## EXERCISE GOAL
Exact transcription, pictures omitted: begin at the top line of the records below and end with the line bearing "for name, color, linetype, lineweight".
** Opening RECORDS SHOWN block **
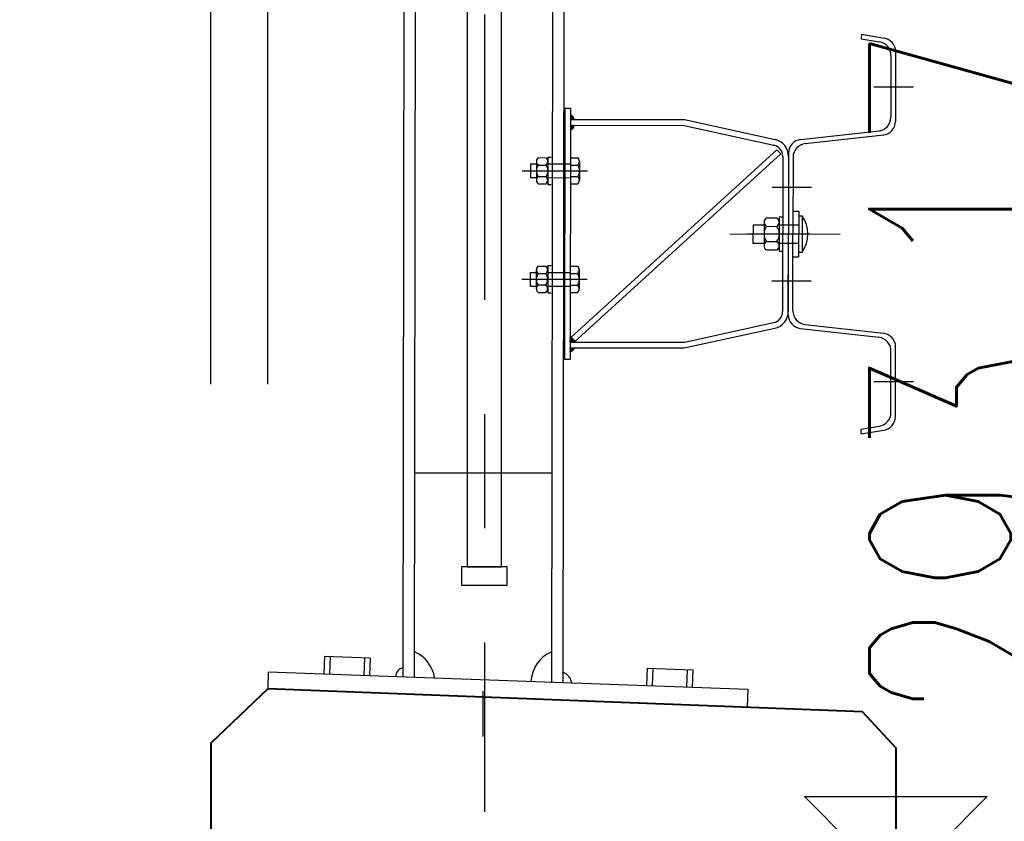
# Model space of a CAD drawing. Header units: metres. Extents: x -912764 to -454925, y -2226138 to -1112338.
# Tile 160 of 256: x -456344.08 to -456343.218, y -1112929.248 to -1112928.546. Entities that reach past the tile are written whole.
import ezdxf

# ---------------------------------------------------------------- set-up
doc = ezdxf.new("R2010")
doc.units = ezdxf.units.M
doc.linetypes.add('DASHDOT2', pattern=[0.375, 0.25, -0.0625, 0, -0.0625])
doc.linetypes.add('SOLID', pattern=[0])
for name, color, linetype in [('!řezy tenká', 1, 'Continuous'), ('018-ZSvodidlo', 8, 'Continuous'), ('025', 1, 'Continuous'), ('025-OSY', 4, 'DASHDOT2'), ('025-ZSvodidlo', 1, 'Continuous'), ('C3D_ZPR', 7, 'Continuous'), ('p_koty', 7, 'Continuous')]:
    doc.layers.add(name, color=color, linetype=linetype)
for name, color, linetype, lineweight in [('_NOVÝ STAV', 1, 'Continuous', 30), ('_NOVÝ STAV - POPISKY KATASTR', 7, 'Continuous', 30), ('R-koty vyskove', 7, 'Continuous', 13)]:
    doc.layers.add(name, color=color, linetype=linetype, lineweight=lineweight)
doc.layers.add('PDF2_13', color=140, linetype='Continuous', true_color=0x00bfff)
doc.styles.add('StandardUzky', font='simplex.shx', dxfattribs={"width": 0.65})
doc.styles.add('znacky', font='arial.ttf')
doc.dimstyles.new('1000', dxfattribs={"dimscale": 0.5, "dimtxt": 1, "dimasz": 0.6, "dimexe": 0.3, "dimexo": 0.5, "dimgap": 0.5, "dimtad": 1, "dimzin": 1, "dimdsep": 46, "dimtxsty": 'znacky', "dimblk": 'OBLIQUE', "dimcen": 1, "dimdle": 0.3, "dimclrd": 256, "dimclre": 256, "dimclrt": 256, "dimadec": 3, "dimazin": 0, "dimtfac": 1, "dimtmove": 0, "dimatfit": 3, "dimldrblk": 'OBLIQUE', "dimfxl": 1, "dimlwd": -1, "dimlwe": -1, "dimarcsym": 0})

# ---------------------------------------------------------------- blocks, each defined once
blk = doc.blocks.new('_Oblique')
at = {"color": 0, "linetype": 'ByBlock', "lineweight": -2}
blk.add_line((-0.5, -0.5), (0.5, 0.5), dxfattribs=at)
blk = doc.blocks.new('*D987')
at = {"layer": 'C3D_ZPR', "color": 1, "transparency": 16777216}
for p, q in [((0, 0.94121), (0, 1.51621)), ((0.5, 0.94121), (0.5, 1.51621)), ((-0.15, 1.44121), (0.65, 1.44121))]:
    blk.add_line(p, q, dxfattribs=at)
at = {"layer": 'Defpoints', "color": 0, "transparency": 16777216}
for p in [(0.5, 1.44121), (0, 0.2338), (0.5, 0.2338)]:
    blk.add_point(p, dxfattribs=at)
at = {"layer": 'C3D_ZPR', "color": 1, "transparency": 16777216, "xscale": 0.075, "yscale": 0.075, "zscale": 0.075, "rotation": 180}
blk.add_blockref('_Oblique', (0, 1.44121), dxfattribs=at)
at = {"layer": 'C3D_ZPR', "color": 1, "transparency": 16777216, "xscale": 0.075, "yscale": 0.075, "zscale": 0.075}
blk.add_blockref('_Oblique', (0.5, 1.44121), dxfattribs=at)
at = {"layer": 'C3D_ZPR', "color": 1, "transparency": 16777216, "insert": (0.25, 1.59121), "char_height": 0.2, "attachment_point": 5, "style": 'StandardUzky'}
blk.add_mtext('500', dxfattribs=at)
blk = doc.blocks.new('*D988')
at = {"layer": 'C3D_ZPR', "color": 1, "transparency": 16777216}
for p, q in [((-0.60011, 0.94121), (-0.60011, 1.51621)), ((0, 0.94121), (0, 1.51621)), ((-0.75011, 1.44121), (0.15, 1.44121))]:
    blk.add_line(p, q, dxfattribs=at)
at = {"layer": 'Defpoints', "color": 0, "transparency": 16777216}
for p in [(0, 1.44121), (-0.60011, 0.12672), (0, 0.07)]:
    blk.add_point(p, dxfattribs=at)
at = {"layer": 'C3D_ZPR', "color": 1, "transparency": 16777216, "xscale": 0.075, "yscale": 0.075, "zscale": 0.075, "rotation": 180}
blk.add_blockref('_Oblique', (-0.60011, 1.44121), dxfattribs=at)
at = {"layer": 'C3D_ZPR', "color": 1, "transparency": 16777216, "xscale": 0.075, "yscale": 0.075, "zscale": 0.075}
blk.add_blockref('_Oblique', (0, 1.44121), dxfattribs=at)
at = {"layer": 'C3D_ZPR', "color": 1, "transparency": 16777216, "insert": (-0.30006, 1.59121), "char_height": 0.2, "attachment_point": 5, "style": 'StandardUzky'}
blk.add_mtext('600', dxfattribs=at)
blk = doc.blocks.new('*D990')
at = {"layer": 'C3D_ZPR', "color": 1, "transparency": 16777216}
for p, q in [((-0.60011, 0.44121), (-0.60011, 1.01621)), ((-0.55009, 0.44121), (-0.55009, 1.01621)), ((-0.60011, 0.94121), (-1.24115, 0.94121)), ((-0.55009, 0.94121), (-0.60011, 0.94121)), ((-0.55009, 0.94121), (-0.47509, 0.94121))]:
    blk.add_line(p, q, dxfattribs=at)
at = {"layer": 'Defpoints', "color": 0, "transparency": 16777216}
for p in [(-0.55009, 0.94121), (-0.55009, 0.18189), (-0.60011, 0.12672)]:
    blk.add_point(p, dxfattribs=at)
at = {"layer": 'C3D_ZPR', "color": 1, "transparency": 16777216, "xscale": 0.075, "yscale": 0.075, "zscale": 0.075}
blk.add_blockref('_Oblique', (-0.60011, 0.94121), dxfattribs=at)
at = {"layer": 'C3D_ZPR', "color": 1, "transparency": 16777216, "xscale": 0.075, "yscale": 0.075, "zscale": 0.075, "rotation": 180}
blk.add_blockref('_Oblique', (-0.55009, 0.94121), dxfattribs=at)
at = {"layer": 'C3D_ZPR', "color": 1, "transparency": 16777216, "insert": (-1.08591, 1.09121), "char_height": 0.2, "attachment_point": 5, "style": 'StandardUzky'}
blk.add_mtext('50', dxfattribs=at)
blk = doc.blocks.new('*D339')
at = {"layer": 'C3D_ZPR', "color": 1, "transparency": 16777216}
for p, q in [((1.7427, 0.15423), (1.7427, 0.72459)), ((1.7427, 0), (1.7427, 0.30423)), ((1.2427, 0.15423), (1.8177, 0.15423)), ((1.2427, 0), (1.8177, 0))]:
    blk.add_line(p, q, dxfattribs=at)
at = {"layer": 'Defpoints', "color": 0, "lineweight": 50, "transparency": 16777216}
for p in [(-0.02964, 0.15423), (0, 0), (1.7427, 0)]:
    blk.add_point(p, dxfattribs=at)
at = {"layer": 'C3D_ZPR', "color": 1, "transparency": 16777216, "xscale": 0.075, "yscale": 0.075, "zscale": 0.075}
for p, rotation in [((1.7427, 0.15423), 90), ((1.7427, 0), 270)]:
    blk.add_blockref('_Oblique', p, dxfattribs=dict(at, rotation=rotation))
at = {"layer": 'C3D_ZPR', "color": 1, "transparency": 16777216, "insert": (1.5927, 0.51673), "char_height": 0.2, "attachment_point": 5, "rotation": 90, "style": 'StandardUzky'}
blk.add_mtext('154', dxfattribs=at)
blk = doc.blocks.new('A$C021ef3a7')
at = {"layer": '018-ZSvodidlo', "color": 1}
blk.add_line((-0.10383, -0.51746), (-0.22383, -0.51728), dxfattribs=at)
at = {"layer": '025', "color": 1}
blk.add_line((-0.16398, -0.70844), (-0.16398, -0.74792), dxfattribs=at)
at = {"layer": '025-OSY', "color": 1}
blk.add_line((-0.16276, 0.43432), (-0.16276, -0.81393), dxfattribs=at)
at = {"layer": '025-ZSvodidlo', "color": 1}
for p, q in [((-0.23275, 0.20518), (-0.23409, -0.69553)), ((-0.22275, 0.20517), (-0.22409, -0.69595)), ((-0.10275, 0.20499), (-0.1041, -0.70093)), ((-0.09275, 0.20498), (-0.0941, -0.70134)), ((0.16735, -0.13294), (0.16734, -0.137)), ((0.16734, -0.137), (0.18331, -0.13968)), ((0.16735, -0.13294), (0.18732, -0.1363)), ((0.19332, -0.15153), (0.19324, -0.20566)), ((0.19733, -0.14815), (0.19724, -0.20925)), ((0.17844, -0.17896), (0.2129, -0.17901)), ((-0.09236, -0.19756), (-0.09269, -0.41756)), ((-0.09236, -0.19756), (-0.08736, -0.19756)), ((-0.08736, -0.19756), (-0.08769, -0.41756)), ((-0.08738, -0.20628), (-0.08561, -0.20453)), ((-0.08738, -0.20672), (-0.08539, -0.20475)), ((-0.08738, -0.20717), (-0.08519, -0.20499)), ((-0.08738, -0.20761), (-0.085, -0.20524)), ((-0.08596, -0.20757), (-0.08738, -0.20615)), ((-0.0864, -0.20757), (-0.08738, -0.20659)), ((-0.08737, -0.20407), (-0.08696, -0.20366)), ((-0.08737, -0.20451), (-0.08665, -0.2038)), ((-0.08374, -0.20758), (-0.08737, -0.20394)), ((-0.08737, -0.20496), (-0.08637, -0.20395)), ((-0.08737, -0.2054), (-0.0861, -0.20413)), ((-0.08737, -0.20584), (-0.08585, -0.20432)), ((-0.08418, -0.20758), (-0.08737, -0.20438)), ((-0.08463, -0.20758), (-0.08737, -0.20482)), ((-0.08507, -0.20758), (-0.08737, -0.20527)), ((-0.08551, -0.20757), (-0.08737, -0.20571)), ((-0.08442, -0.20646), (-0.08735, -0.20352)), ((-0.08689, -0.20757), (-0.08483, -0.20551)), ((-0.08472, -0.20572), (-0.08661, -0.20382)), ((-0.08645, -0.20757), (-0.08468, -0.2058)), ((-0.08601, -0.20757), (-0.08454, -0.2061)), ((-0.08557, -0.20757), (-0.08443, -0.20643)), ((-0.08513, -0.20758), (-0.08433, -0.20678)), ((-0.08739, -0.21291), (-0.08704, -0.21257)), ((-0.08739, -0.21335), (-0.0866, -0.21257)), ((-0.08739, -0.2138), (-0.08616, -0.21257)), ((-0.08739, -0.21424), (-0.08572, -0.21257)), ((-0.08739, -0.21468), (-0.08528, -0.21258)), ((-0.08739, -0.21512), (-0.08484, -0.21258)), ((-0.08739, -0.21556), (-0.0844, -0.21258)), ((-0.08739, -0.216), (-0.08411, -0.21274)), ((-0.0852, -0.21541), (-0.08739, -0.21322)), ((-0.08542, -0.21563), (-0.08739, -0.21366)), ((-0.08566, -0.21583), (-0.08739, -0.2141)), ((-0.08592, -0.21601), (-0.08739, -0.21455)), ((-0.0862, -0.21618), (-0.08739, -0.21499)), ((-0.0865, -0.21632), (-0.08739, -0.21543)), ((-0.08684, -0.20757), (-0.08738, -0.20703)), ((-0.08738, -0.20756), (0.01262, -0.20771)), ((-0.08738, -0.21256), (0.01207, -0.21271)), ((-0.08499, -0.21518), (-0.08738, -0.21278)), ((-0.08481, -0.21492), (-0.08714, -0.21258)), ((-0.08701, -0.21651), (-0.08427, -0.21377)), ((-0.08464, -0.21465), (-0.08671, -0.21257)), ((-0.08628, -0.21622), (-0.08456, -0.2145)), ((-0.08449, -0.21436), (-0.08627, -0.21257)), ((-0.08436, -0.21405), (-0.08582, -0.21257)), ((-0.08425, -0.21371), (-0.08538, -0.21257)), ((-0.08417, -0.21335), (-0.08494, -0.21258)), ((-0.08412, -0.21295), (-0.08449, -0.21258)), ((0.01207, -0.21271), (0.09074, -0.23012)), ((0.01262, -0.20771), (0.09182, -0.22524)), ((-0.08682, -0.21645), (-0.08739, -0.21587)), ((-0.08716, -0.21655), (-0.08739, -0.21631)), ((0.11427, -0.2251), (0.18293, -0.21757)), ((0.11827, -0.22868), (0.18693, -0.22116)), ((-0.11556, -0.24102), (-0.10869, -0.24103)), ((-0.10713, -0.24054), (-0.10716, -0.26454)), ((-0.10713, -0.24054), (-0.10413, -0.24054)), ((-0.08743, -0.39886), (0.09336, -0.23402)), ((-0.08743, -0.24106), (-0.08099, -0.24107)), ((-0.08406, -0.40256), (0.09673, -0.23771)), ((0.09673, -0.23771), (0.09336, -0.23402)), ((0.09858, -0.2399), (0.09837, -0.37572)), ((0.10358, -0.23991), (0.10337, -0.37573)), ((0.10358, -0.23701), (0.10347, -0.30785)), ((0.10358, -0.23996), (0.10347, -0.30785)), ((0.10757, -0.24059), (0.10747, -0.30785)), ((-0.12243, -0.24651), (-0.12245, -0.25851)), ((-0.12243, -0.24651), (-0.11713, -0.24652)), ((-0.11713, -0.24429), (-0.11716, -0.26101)), ((-0.11557, -0.24752), (-0.1087, -0.24753)), ((-0.10713, -0.24654), (-0.08743, -0.24656)), ((-0.08744, -0.24756), (-0.081, -0.24757)), ((-0.07951, -0.24433), (-0.07953, -0.26083)), ((-0.12971, -0.2525), (-0.07445, -0.25258)), ((-0.12771, -0.2525), (-0.07245, -0.25259)), ((-0.12245, -0.25851), (-0.11715, -0.25852)), ((-0.11559, -0.25752), (-0.10872, -0.25753)), ((-0.10715, -0.25854), (-0.08745, -0.25856)), ((-0.08745, -0.25756), (-0.08102, -0.25757)), ((-0.1156, -0.26402), (-0.10873, -0.26403)), ((-0.10716, -0.26454), (-0.10416, -0.26454)), ((-0.08746, -0.26406), (-0.08103, -0.26407)), ((0.08921, -0.26683), (0.12367, -0.26688)), ((0.0955, -0.29284), (0.09545, -0.32284)), ((0.0955, -0.29284), (0.0985, -0.29284)), ((0.1075, -0.28985), (0.10747, -0.30785)), ((0.1075, -0.29135), (0.10747, -0.30785)), ((0.1075, -0.28785), (0.1125, -0.28786)), ((0.1125, -0.28786), (0.11244, -0.32786)), ((0.1125, -0.29186), (0.1155, -0.29186)), ((0.1155, -0.29186), (0.11545, -0.32386)), ((0.07249, -0.29982), (0.07246, -0.31578)), ((0.07249, -0.29982), (0.08219, -0.29984)), ((0.08219, -0.29687), (0.08216, -0.3191)), ((0.08427, -0.30117), (0.0934, -0.30118)), ((0.08428, -0.29382), (0.09341, -0.29383)), ((0.09549, -0.29986), (0.11249, -0.29988)), ((0.05212, -0.30777), (0.14881, -0.30791)), ((0.06721, -0.30779), (0.12247, -0.30788)), ((0.10337, -0.37869), (0.10347, -0.30785)), ((0.10738, -0.37511), (0.10747, -0.30785)), ((0.10745, -0.32435), (0.10747, -0.30785)), ((0.10745, -0.32585), (0.10747, -0.30785)), ((0.07246, -0.31578), (0.08216, -0.3158)), ((0.08425, -0.31447), (0.09338, -0.31448)), ((0.09546, -0.31582), (0.11246, -0.31584)), ((0.08424, -0.32182), (0.09337, -0.32183)), ((0.09545, -0.32284), (0.09845, -0.32284)), ((0.11245, -0.32386), (0.11545, -0.32386)), ((-0.1157, -0.33602), (-0.10883, -0.33603)), ((-0.10727, -0.33554), (-0.1073, -0.35954)), ((-0.10727, -0.33554), (-0.10427, -0.33554)), ((-0.08757, -0.33606), (-0.08113, -0.33607)), ((0.10745, -0.32785), (0.11244, -0.32786)), ((-0.12258, -0.34151), (-0.12259, -0.35351)), ((-0.12258, -0.34151), (-0.11728, -0.34152)), ((-0.11727, -0.33929), (-0.1173, -0.35601)), ((-0.11571, -0.34252), (-0.10884, -0.34253)), ((-0.10728, -0.34154), (-0.0876, -0.34156)), ((-0.08758, -0.34256), (-0.08114, -0.34257)), ((-0.07965, -0.33933), (-0.07967, -0.35583)), ((-0.12985, -0.3475), (-0.07459, -0.34758)), ((-0.12785, -0.3475), (-0.07259, -0.34759)), ((-0.11573, -0.35252), (-0.10886, -0.35253)), ((-0.08759, -0.35256), (-0.08116, -0.35257)), ((0.08909, -0.34883), (0.12354, -0.34888)), ((-0.12259, -0.35351), (-0.11729, -0.35352)), ((-0.11574, -0.35902), (-0.10887, -0.35903)), ((-0.1073, -0.35954), (-0.1043, -0.35954)), ((-0.10729, -0.35354), (-0.08762, -0.35356)), ((-0.0876, -0.35906), (-0.08117, -0.35907)), ((0.01126, -0.40283), (0.09051, -0.38553)), ((0.11803, -0.38705), (0.18667, -0.39478)), ((0.01233, -0.40771), (0.09157, -0.39042)), ((0.11403, -0.39063), (0.18267, -0.39836)), ((-0.08767, -0.40209), (-0.08527, -0.3997)), ((-0.08767, -0.40231), (-0.08511, -0.39976)), ((-0.08767, -0.40253), (-0.08506, -0.39993)), ((-0.08714, -0.40256), (-0.08767, -0.40204)), ((-0.08739, -0.40254), (-0.08767, -0.40226)), ((-0.08767, -0.40256), (0.01233, -0.40271)), ((-0.08274, -0.40255), (-0.08766, -0.39762)), ((-0.08766, -0.39789), (-0.08744, -0.39767)), ((-0.08766, -0.39811), (-0.0873, -0.39775)), ((-0.08296, -0.40255), (-0.08766, -0.39784)), ((-0.08766, -0.39833), (-0.08719, -0.39786)), ((-0.08766, -0.39855), (-0.08708, -0.39797)), ((-0.08318, -0.40255), (-0.08766, -0.39806)), ((-0.08766, -0.39877), (-0.08696, -0.39808)), ((-0.08766, -0.399), (-0.08685, -0.39819)), ((-0.0834, -0.40256), (-0.08766, -0.39828)), ((-0.08766, -0.39922), (-0.08674, -0.39829)), ((-0.08766, -0.39944), (-0.08662, -0.3984)), ((-0.08362, -0.40256), (-0.08766, -0.39851)), ((-0.08766, -0.39966), (-0.08651, -0.39851)), ((-0.08766, -0.39988), (-0.0864, -0.39862)), ((-0.08384, -0.40256), (-0.08766, -0.39873)), ((-0.08766, -0.4001), (-0.08628, -0.39873)), ((-0.08766, -0.40032), (-0.08617, -0.39883)), ((-0.08766, -0.40054), (-0.08606, -0.39894)), ((-0.08406, -0.40256), (-0.08766, -0.39895)), ((-0.08766, -0.40076), (-0.08595, -0.39905)), ((-0.08766, -0.40098), (-0.08583, -0.39916)), ((-0.08428, -0.40256), (-0.08766, -0.39917)), ((-0.08766, -0.4012), (-0.08572, -0.39927)), ((-0.08766, -0.40143), (-0.08561, -0.39937)), ((-0.0845, -0.40256), (-0.08766, -0.39939)), ((-0.08766, -0.40165), (-0.08549, -0.39948)), ((-0.08766, -0.40187), (-0.08538, -0.39959)), ((-0.08472, -0.40256), (-0.08766, -0.39961)), ((-0.08494, -0.40256), (-0.08766, -0.39983)), ((-0.08516, -0.40256), (-0.08766, -0.40005)), ((-0.08538, -0.40256), (-0.08766, -0.40027)), ((-0.0856, -0.40256), (-0.08766, -0.40049)), ((-0.08582, -0.40256), (-0.08766, -0.40071)), ((-0.08604, -0.40256), (-0.08766, -0.40094)), ((-0.08626, -0.40256), (-0.08766, -0.40116)), ((-0.08648, -0.40256), (-0.08766, -0.40138)), ((-0.0867, -0.40256), (-0.08766, -0.4016)), ((-0.08692, -0.40256), (-0.08766, -0.40182)), ((-0.08745, -0.40253), (-0.08493, -0.40003)), ((-0.08507, -0.39989), (-0.08737, -0.39768)), ((-0.08726, -0.40256), (-0.08482, -0.40014)), ((-0.08703, -0.40256), (-0.08471, -0.40025)), ((-0.08681, -0.40256), (-0.0846, -0.40036)), ((-0.08659, -0.40256), (-0.08449, -0.40047)), ((-0.08637, -0.40256), (-0.08438, -0.40058)), ((-0.08615, -0.40256), (-0.08427, -0.40069)), ((-0.08593, -0.40256), (-0.08416, -0.4008)), ((-0.0857, -0.40256), (-0.08405, -0.40091)), ((-0.08548, -0.40256), (-0.08394, -0.40102)), ((-0.08526, -0.40256), (-0.08383, -0.40113)), ((-0.08242, -0.40255), (-0.08507, -0.39989)), ((-0.08504, -0.40256), (-0.08372, -0.40124)), ((-0.08482, -0.40256), (-0.08361, -0.40136)), ((-0.08459, -0.40256), (-0.0835, -0.40147)), ((-0.08437, -0.40256), (-0.08339, -0.40158)), ((-0.08415, -0.40256), (-0.08328, -0.40169)), ((-0.08393, -0.40256), (-0.08317, -0.4018)), ((-0.08371, -0.40256), (-0.08306, -0.40191)), ((-0.08349, -0.40256), (-0.08295, -0.40202)), ((-0.08326, -0.40255), (-0.08284, -0.40213)), ((-0.08304, -0.40255), (-0.08273, -0.40224)), ((-0.08282, -0.40255), (-0.08262, -0.40235)), ((-0.0826, -0.40255), (-0.08251, -0.40246)), ((-0.08768, -0.40894), (-0.08629, -0.40756)), ((-0.08768, -0.40916), (-0.08607, -0.40756)), ((-0.08768, -0.40938), (-0.08585, -0.40756)), ((-0.08768, -0.4096), (-0.08563, -0.40756)), ((-0.08768, -0.40982), (-0.08541, -0.40756)), ((-0.08768, -0.41004), (-0.08518, -0.40756)), ((-0.08768, -0.41026), (-0.08496, -0.40756)), ((-0.08768, -0.41049), (-0.08474, -0.40756)), ((-0.08768, -0.41071), (-0.08452, -0.40756)), ((-0.08768, -0.41093), (-0.0843, -0.40756)), ((-0.08613, -0.41044), (-0.08768, -0.40889)), ((-0.08627, -0.41052), (-0.08768, -0.40911)), ((-0.08641, -0.4106), (-0.08768, -0.40933)), ((-0.08656, -0.41067), (-0.08768, -0.40955)), ((-0.08671, -0.41074), (-0.08768, -0.40977)), ((-0.08687, -0.41081), (-0.08768, -0.41)), ((-0.08703, -0.41087), (-0.08768, -0.41022)), ((-0.08719, -0.41093), (-0.08768, -0.41044)), ((-0.08736, -0.41098), (-0.08768, -0.41066)), ((-0.08753, -0.41103), (-0.08768, -0.41088)), ((-0.08767, -0.40756), (0.01233, -0.40771)), ((-0.08535, -0.4099), (-0.08767, -0.40756)), ((-0.08767, -0.40805), (-0.08718, -0.40756)), ((-0.08767, -0.40828), (-0.08696, -0.40756)), ((-0.08767, -0.4085), (-0.08674, -0.40756)), ((-0.08767, -0.40872), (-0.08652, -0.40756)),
** Closing RECORDS SHOWN block **
## REPLY
# Model space of a CAD drawing. Header units: metres. Extents: x -912764 to -454925, y -2226138 to -1112338.
# Tile 160 of 256: x -456344.08 to -456343.218, y -1112929.248 to -1112928.546. Entities that reach past the tile are written whole.
import ezdxf

# ---------------------------------------------------------------- set-up
doc = ezdxf.new("R2010")
doc.units = ezdxf.units.M
doc.linetypes.add('DASHDOT2', pattern=[0.375, 0.25, -0.0625, 0, -0.0625])
doc.linetypes.add('SOLID', pattern=[0])
for name, color, linetype in [('!řezy tenká', 1, 'Continuous'), ('018-ZSvodidlo', 8, 'Continuous'), ('025', 1, 'Continuous'), ('025-OSY', 4, 'DASHDOT2'), ('025-ZSvodidlo', 1, 'Continuous'), ('C3D_ZPR', 7, 'Continuous'), ('p_koty', 7, 'Continuous')]:
    doc.layers.add(name, color=color, linetype=linetype)
for name, color, linetype, lineweight in [('_NOVÝ STAV', 1, 'Continuous', 30), ('_NOVÝ STAV - POPISKY KATASTR', 7, 'Continuous', 30), ('R-koty vyskove', 7, 'Continuous', 13)]:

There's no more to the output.